Let me leave you with one more example, if you want to take some time to read. This is from my book Paint It Black. The set-up: Louis’s partner FBI rookie Emily Farantino has been knocked out by the killer and abducted, tied up in a fish shanty. Kelly and I worked hard to imagine what she feels as she wakes up. We even put cloth bags over our heads to get in her head.

Blackness. She was floating up from the blackness to consciousness. She opened her eyes. Dark. It was still dark and she gave a terrified jerk.

The thing — it was the thing covering her face. The cloth was still there. She could smell its musky odor, and when she drew in a breath, the soft fabric touched her lips.

She became aware of a sharp throbbing in her head, and a faint nausea boiling in her stomach. Her heart was pounding. 

Think…think! Calm down. Use your head, use your senses.

She tried to move her arms.

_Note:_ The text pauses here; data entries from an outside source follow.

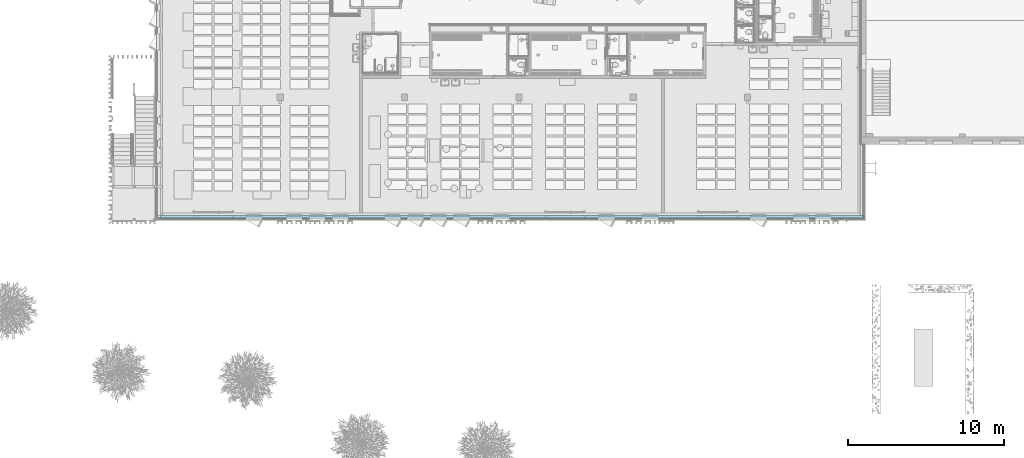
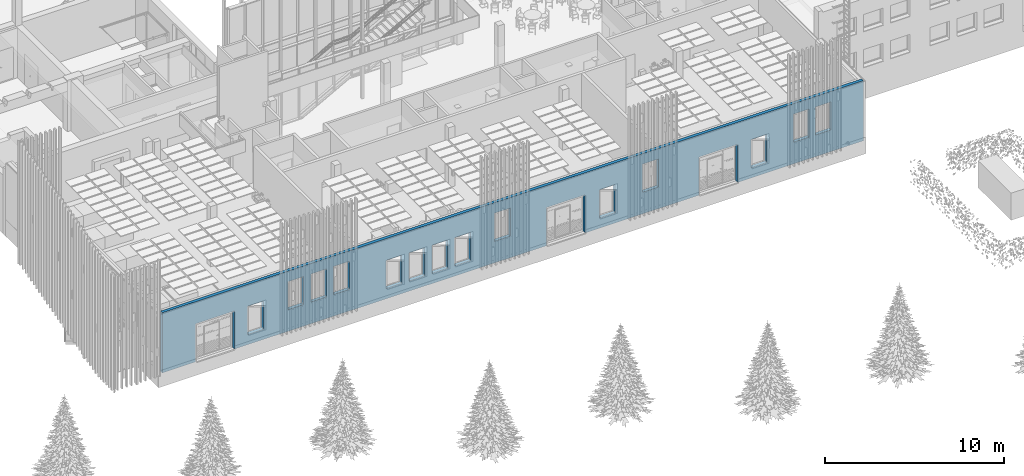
# One storey, part 180 of 301: 1 building element part, 20 openings, 1 element without a shape of its own.
"""IFC2X3 building model written with IfcOpenShell, lengths in millimetres."""

from ifc_helpers import new_model, entity, si_unit, converted_unit, derived_unit, money_unit, direction, frame, origin_with_axes, place, context, subcontext, project, spatial, faceted_brep, material, type_object, element, aggregate, save


model = new_model("IFC2X3")

# Units and contexts
model_context = context("Model", 3, precision=0.01, world=origin_with_axes(), true_north=direction((0.0, 1.0)))
body_context = subcontext(model_context, "Body", "Model", "MODEL_VIEW")
ifc_project = project(units=[si_unit("LENGTHUNIT", "METRE", prefix="MILLI"), si_unit("AREAUNIT", "SQUARE_METRE"), si_unit("VOLUMEUNIT", "CUBIC_METRE"), converted_unit("PLANEANGLEUNIT", "DEGREE", entity("IfcPlaneAngleMeasure", 0.0174532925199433), si_unit("PLANEANGLEUNIT", "RADIAN"), dimensions=[0, 0, 0, 0, 0, 0, 0]), money_unit("EUR"), converted_unit("TIMEUNIT", "Year", entity("IfcTimeMeasure", 31557600.0), si_unit("TIMEUNIT", "SECOND"), dimensions=[0, 0, 1, 0, 0, 0, 0]), si_unit("MASSUNIT", "GRAM", prefix="KILO"), si_unit("THERMODYNAMICTEMPERATUREUNIT", "DEGREE_CELSIUS"), si_unit("LUMINOUSINTENSITYUNIT", "LUMEN"), si_unit("ENERGYUNIT", "JOULE", prefix="MEGA"), derived_unit("THERMALCONDUCTANCEUNIT", [(si_unit("POWERUNIT", "WATT"), 1), (si_unit("LENGTHUNIT", "METRE"), -1), (si_unit("THERMODYNAMICTEMPERATUREUNIT", "KELVIN"), -1)]), derived_unit("SPECIFICHEATCAPACITYUNIT", [(si_unit("ENERGYUNIT", "JOULE"), 1), (si_unit("MASSUNIT", "GRAM", prefix="KILO"), -1), (si_unit("THERMODYNAMICTEMPERATUREUNIT", "KELVIN"), -1)]), derived_unit("MASSDENSITYUNIT", [(si_unit("MASSUNIT", "GRAM", prefix="KILO"), 1), (si_unit("VOLUMEUNIT", "CUBIC_METRE"), -1)])], contexts=[model_context])

# Site, building, storey
site_placement = place(None, frame((0.0, 0.0, 8650.0), z_axis=(0.0, 0.0, 1.0), x_axis=(1.0, 0.0, 0.0)))
site = spatial("IfcSite", under=ifc_project, at=site_placement, Name="43301:001:0844", CompositionType="ELEMENT")
building_placement = place(site_placement, origin_with_axes())
building = spatial("IfcBuilding", under=site, at=building_placement, Name="Kuressaare Ametikooli tuulikute mehaanikute õppekorpus", CompositionType="ELEMENT")
storey_placement = place(building_placement, origin_with_axes())
storey = spatial("IfcBuildingStorey", under=building, at=storey_placement, Name="1.korrus", CompositionType="ELEMENT", Elevation=0.0)

# Wall, openings, building element part
wall_type = type_object("IfcWallType", Name="VS1 437", PredefinedType="NOTDEFINED")
wall_placement = place(storey_placement, frame((133024.9464416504, 9123.838490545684, 0.0), z_axis=(0.0, 0.0, 1.0), x_axis=(-1.0, 0.0, 0.0)))
wall = element("IfcWall", 1, at=wall_placement, inside=storey, type_object=wall_type, Name="Sisesein")
opening_1_placement = place(wall_placement, frame((26976.99415685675, 0.0, 700.0), z_axis=(0.0, 0.0, 1.0), x_axis=(1.0, 0.0, 0.0)))
element("IfcOpeningElement", 2, at=opening_1_placement, cuts=wall, Name="A-1g", context=body_context, shape_type="Brep", body=[
    faceted_brep([(-504.9999999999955, 219.9999999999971, 0.0), (-504.9999999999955, 219.9999999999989, 1910.0), (-504.9999999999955, 437.9999999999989, 1910.0), (-504.9999999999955, 437.9999999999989, 0.0), (-504.9999999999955, -1.000000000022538, 0.0), (-504.9999999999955, -1.000000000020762, 1910.0), (504.9999999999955, 219.9999999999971, 1910.0), (504.9999999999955, 437.9999999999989, 1910.0), (504.9999999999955, -1.000000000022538, 1910.0), (504.9999999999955, 437.9999999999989, 0.0), (504.9999999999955, 219.9999999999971, 0.0), (504.9999999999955, -1.000000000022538, 0.0)], [[[0, 1, 2, 3]], [[1, 0, 4, 5]], [[6, 7, 2, 1, 5, 8]], [[7, 9, 3, 2]], [[0, 3, 9, 10, 11, 4]], [[5, 4, 11, 8]], [[6, 10, 9, 7]], [[10, 6, 8, 11]]]),
])
opening_2_placement = place(wall_placement, frame((29926.99415685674, 0.0, 700.0000000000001), z_axis=(0.0, 0.0, 1.0), x_axis=(1.0, 0.0, 0.0)))
element("IfcOpeningElement", 3, at=opening_2_placement, cuts=wall, Name="A-1g", context=body_context, shape_type="Brep", body=[
    faceted_brep([(-504.9999999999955, 219.9999999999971, 0.0), (-504.9999999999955, 219.9999999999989, 1910.0), (-504.9999999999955, 437.9999999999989, 1910.0), (-504.9999999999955, 437.9999999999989, 0.0), (-504.9999999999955, -1.000000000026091, 0.0), (-504.9999999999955, -1.000000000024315, 1910.0), (504.9999999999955, 219.9999999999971, 1910.0), (504.9999999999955, 437.9999999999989, 1910.0), (504.9999999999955, -1.000000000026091, 1910.0), (504.9999999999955, 437.9999999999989, 0.0), (504.9999999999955, 219.9999999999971, 0.0), (504.9999999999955, -1.000000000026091, 0.0)], [[[0, 1, 2, 3]], [[1, 0, 4, 5]], [[6, 7, 2, 1, 5, 8]], [[7, 9, 3, 2]], [[0, 3, 9, 10, 11, 4]], [[5, 4, 11, 8]], [[6, 10, 9, 7]], [[10, 6, 8, 11]]]),
])
opening_3_placement = place(wall_placement, frame((2241.190539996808, 0.0, 1475.000000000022), z_axis=(0.0, 0.0, 1.0), x_axis=(1.0, 0.0, 0.0)))
element("IfcOpeningElement", 4, at=opening_3_placement, cuts=wall, Name="A-1g,SE", context=body_context, shape_type="Brep", body=[
    faceted_brep([(-504.9999999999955, 220.0000000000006, 0.0), (-504.9999999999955, 220.0000000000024, 1910.0), (-504.9999999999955, 437.9999999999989, 1910.0), (-504.9999999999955, 437.9999999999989, 0.0), (-504.9999999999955, -1.000000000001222, 0.0), (-504.9999999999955, -0.9999999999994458, 1910.0), (504.9999999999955, 220.0000000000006, 1910.0), (504.9999999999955, 437.9999999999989, 1910.0), (504.9999999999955, -1.000000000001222, 1910.0), (504.9999999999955, 437.9999999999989, 0.0), (504.9999999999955, 220.0000000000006, 0.0), (504.9999999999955, -1.000000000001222, 0.0)], [[[0, 1, 2, 3]], [[1, 0, 4, 5]], [[6, 7, 2, 1, 5, 8]], [[7, 9, 3, 2]], [[0, 3, 9, 10, 11, 4]], [[5, 4, 11, 8]], [[6, 10, 9, 7]], [[10, 6, 8, 11]]]),
])
opening_4_placement = place(wall_placement, frame((13381.72835363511, 0.0, 1475.000000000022), z_axis=(0.0, 0.0, 1.0), x_axis=(1.0, 0.0, 0.0)))
element("IfcOpeningElement", 5, at=opening_4_placement, cuts=wall, Name="A-1g,SE", context=body_context, shape_type="Brep", body=[
    faceted_brep([(-504.9999999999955, 219.9999999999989, 0.0), (-504.9999999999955, 220.0000000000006, 1910.0), (-504.9999999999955, 437.9999999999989, 1910.0), (-504.9999999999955, 437.9999999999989, 0.0), (-504.9999999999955, -1.000000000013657, 0.0), (-504.9999999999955, -1.00000000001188, 1910.0), (504.9999999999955, 219.9999999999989, 1910.0), (504.9999999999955, 437.9999999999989, 1910.0), (504.9999999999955, -1.000000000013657, 1910.0), (504.9999999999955, 437.9999999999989, 0.0), (504.9999999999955, 219.9999999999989, 0.0), (504.9999999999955, -1.000000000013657, 0.0)], [[[0, 1, 2, 3]], [[1, 0, 4, 5]], [[6, 7, 2, 1, 5, 8]], [[7, 9, 3, 2]], [[0, 3, 9, 10, 11, 4]], [[5, 4, 11, 8]], [[6, 10, 9, 7]], [[10, 6, 8, 11]]]),
])
opening_5_placement = place(wall_placement, frame((25501.99415685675, 0.0, 700.0), z_axis=(0.0, 0.0, 1.0), x_axis=(1.0, 0.0, 0.0)))
element("IfcOpeningElement", 6, at=opening_5_placement, cuts=wall, Name="A-1g", context=body_context, shape_type="Brep", body=[
    faceted_brep([(-504.9999999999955, 219.9999999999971, 0.0), (-504.9999999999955, 219.9999999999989, 1910.0), (-504.9999999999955, 437.9999999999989, 1910.0), (-504.9999999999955, 437.9999999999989, 0.0), (-504.9999999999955, -1.000000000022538, 0.0), (-504.9999999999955, -1.000000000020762, 1910.0), (504.9999999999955, 219.9999999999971, 1910.0), (504.9999999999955, 437.9999999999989, 1910.0), (504.9999999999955, -1.000000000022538, 1910.0), (504.9999999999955, 437.9999999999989, 0.0), (504.9999999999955, 219.9999999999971, 0.0), (504.9999999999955, -1.000000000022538, 0.0)], [[[0, 1, 2, 3]], [[1, 0, 4, 5]], [[6, 7, 2, 1, 5, 8]], [[7, 9, 3, 2]], [[0, 3, 9, 10, 11, 4]], [[5, 4, 11, 8]], [[6, 10, 9, 7]], [[10, 6, 8, 11]]]),
])
opening_6_placement = place(wall_placement, frame((6401.877929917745, 0.0, 700.0), z_axis=(0.0, 0.0, 1.0), x_axis=(1.0, 0.0, 0.0)))
element("IfcOpeningElement", 7, at=opening_6_placement, cuts=wall, Name="A-1g", context=body_context, shape_type="Brep", body=[
    faceted_brep([(-504.9999999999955, 220.0000000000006, 0.0), (-504.9999999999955, 220.0000000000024, 1910.0), (-504.9999999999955, 437.9999999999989, 1910.0), (-504.9999999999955, 437.9999999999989, 0.0), (-504.9999999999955, -1.000000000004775, 0.0), (-504.9999999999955, -1.000000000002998, 1910.0), (504.9999999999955, 220.0000000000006, 1910.0), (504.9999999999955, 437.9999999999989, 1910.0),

They were bound at the wrist, palms up. She could feel the hard wood of the chair. She strained to hear something or someone.

Nothing. Just water lapping and a soft groaning sound. Pilings? The air was still and smelled of mildew and fish. And old building of some kind near the docks? Was she still near the wharf? Something kicked on…like a motor, faint.

She tried to stay calm, tried to quiet the pounding of the blood in her ears so she could hear better. Nothing. No cars, no voices. Just the droning motor sound. It stopped and it was quiet again, except for the lapping water.

The floor creaked. She jumped.

Footsteps on wood, coming closer. 

Then it stopped. But she could hear someone moving.

“Motherf—er.”

She jumped. A man, it was a man. 

“Damn it, damn it.”

More footsteps. Pacing.

Louder this time. She tried to draw on what she knew, tried to remember what the training books said. But nothing was coming, just the feeling of panic gathering in her gut. She gulped in several breaths to push the panic back. The cloth billowed against her face. She let out a small cry and the pacing stopped.

It was quiet. Water lapping. She held her breath. 

Stop. Listen. Smell. Hear. Touch. Taste. And then look. Take it all in with logical sensory sequence. That’s it for today, crime dogs. To paraphrase David Byrne, start making sense.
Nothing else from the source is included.